To make the problem go away entirely would require replacing every potentially vulnerable processor, said Morey Haber, VP of technology at BeyondTrust. Given that every Intel CPU manufactured since 1995 (except Atom and Itanium) is potentially vulnerable, according to Project Zero’s FAQ created and posted by the Graz University of Technology in Germany, the cost would be untenable. Also, many of the older systems are running on hardware no longer manufactured, yet with legacy applications that can’t run on newer systems.

“The only viable short-term mitigation is to patch our operating systems and hypervisors at the lowest level (kernel) to prevent inappropriate memory calls that can leak information from an application or virtual machine,” Haber said.  BMC Software executives Sean Berry, a solution evangelist in BMC’s Data Center Automation and Cloud group and Shawn Jaques, the company’s director of marketing, explained in  a blog post how to balance the tradeoff between patching systems and addressing performance.

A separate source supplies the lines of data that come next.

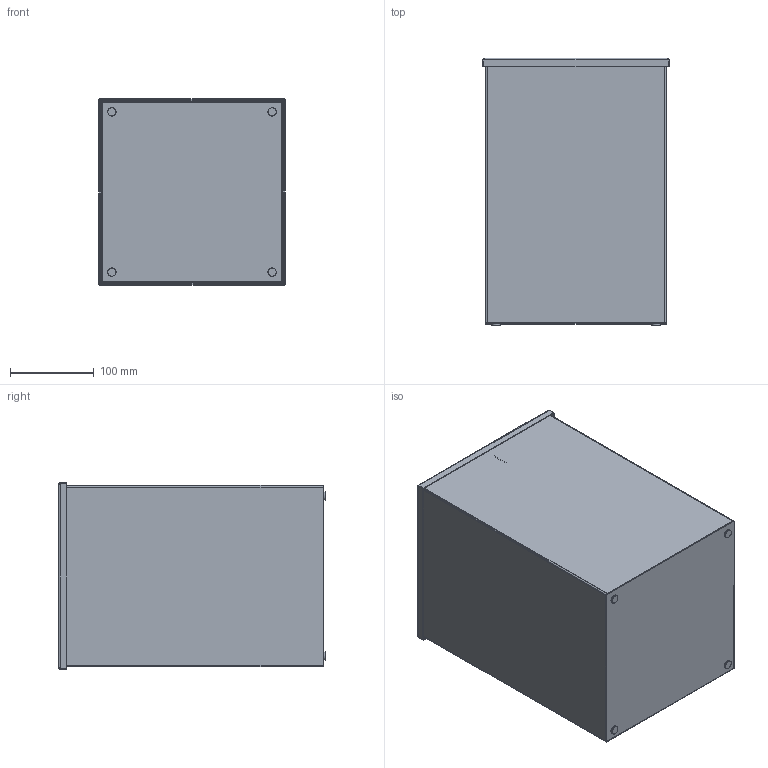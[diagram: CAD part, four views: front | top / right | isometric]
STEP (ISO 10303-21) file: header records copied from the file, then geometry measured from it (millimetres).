
FILE_DESCRIPTION (( 'STEP AP203' ), '1' );
FILE_NAME ('Kosz na smieci ³azienkowy BORGO.STEP', '2021-10-11T08:05:10', ( '' ), ( '' ), 'SwSTEP 2.0', 'SolidWorks 2020', '' );
FILE_SCHEMA (( 'CONFIG_CONTROL_DESIGN' ));
Length unit declared in the file: millimetre
Products named in the file (13): Kosz na smieci ³azienkowy BORGO; 19-0006-02-00_V3 do wizualizacji; 19-0006-01-00_V3 do wizualizacji; 19-0006-01-10 do wizualizacji; 19-0006-02-03; 19-0006-02-02_V3; 19-0006-01-02_V3; hex nut style 1 gradeab_iso_ISO - 4032 - M6 - W - N; 19-0006-02-01_V3; plain washer normal grade a_iso_Washer ISO 7089 - 6; 19-0006-01-01_V3 do wizualizacji; 19-0006-01-11 do wizualizcji; stopka gumowa 10mm_7mm
Assembly tree (19 placements, depth 4):
  Kosz na smieci ³azienkowy BORGO
    19-0006-01-00_V3 do wizualizacji
      19-0006-01-01_V3 do wizualizacji
      19-0006-01-10 do wizualizacji
        19-0006-01-11 do wizualizcji  x2
      19-0006-01-02_V3
    19-0006-02-00_V3 do wizualizacji
      19-0006-02-01_V3
      19-0006-02-02_V3
      19-0006-02-03  x2
      hex nut style 1 gradeab_iso_ISO - 4032 - M6 - W - N  x2
      plain washer normal grade a_iso_Washer ISO 7089 - 6  x2
    stopka gumowa 10mm_7mm  x4
Bounding box: 222 x 318.5 x 222 mm (x, y, z)
Volume: 409725.9 mm3; surface area: 805984.2 mm2
Topology: 16 solids, 16 shells, 456 faces, 1044 edges, 628 vertices
Faces by surface type: plane 232, cylinder 172, cone 30, bspline 14, torus 8
Entity records: 12401 total; most frequent: CARTESIAN_POINT 3564, DIRECTION 1551, ORIENTED_EDGE 1490, EDGE_CURVE 745, AXIS2_PLACEMENT_3D 545, VECTOR 461, LINE 461, VERTEX_POINT 448

“The pervasiveness of the vulnerability across servers, devices and operating systems is nearly unprecedented,” they noted. “Since this vulnerability impacts a feature that improves performance, there is a potential significant performance hit from applying the software patches. The real challenge for most organizations is to effectively apply their patching process across a multitude of tools and teams to correct the systems before hackers start to exploit the now-public vulnerabilities.”

SolarWinds’ LaRock agreed, and added the following advice:

  1. Assess your risk. If your server is isolated from intrusion (no browser, etc.), and not sharing the memory of other servers (so, not a guest with others on a host), then you have lower risk.
  2. Assess the importance of the workload and/or data. Not every system is top secret or mission critical.
  3. Gather inventory details, know what chips you have, which OS, what versions of database software, etc.
  4. Build a patching plan, using the above details to help you prioritize.

The ones with the most at stake are the cloud providers, LaRock noted, because they have agreed-upon SLAs. LaRock’s colleague, Mike Heffner, a co-founder and lead engineer for Librato, now a SolarWinds company, noted a degradation in performance of the instances running on AWS in the weeks leading up to the disclosure of Spectre and Meltdown. In his original blog post about 10 days ago, Heffner documented the impact based on charts of a Python service worker tier in late December, where CPU utilization rose approximately 25 percent. Likewise, on Jan. 3, he noted Cassandra tiers saw similar spikes and at one point as high as 45 percent. In an update late last week, Heffner reported a marked reduction in CPU utilization to pre-patch levels.

It’s not surprising that the cloud providers would be on top of their game, considering they must provide the extra capacity or take a financial hit. “The cloud providers have agreed upon SLAs already in place, they will need to find a way to scale,” he said. “If they suddenly had a bump in 30 percent CPU utilization due to customer usage, they would find a way to make it work. And not every server is being impacted with performance issues as far as I know.”

While LaRock believes the problem will be short-lived, others say it’ll remain an issue indefinitely. “Expect this one to linger for a long time,” wrote Forrester Research principal analyst Jeff Pollard. “Thankfully, microcode fixes are available, but those fixes are being distributed by hardware manufacturers. That is a challenge; although enterprise organizations with support contracts can overcome it, for end-user systems it is a nightmare. The development, distribution, and installation of these patches will never end. On systems that don’t get patched, it means that information is at risk.”

The Spectre and Meltdown FAQ published by Project Zero includes a list and links to more than 30 top software and hardware providers’ vulnerability advisories and documentation, which include access to the latest patches.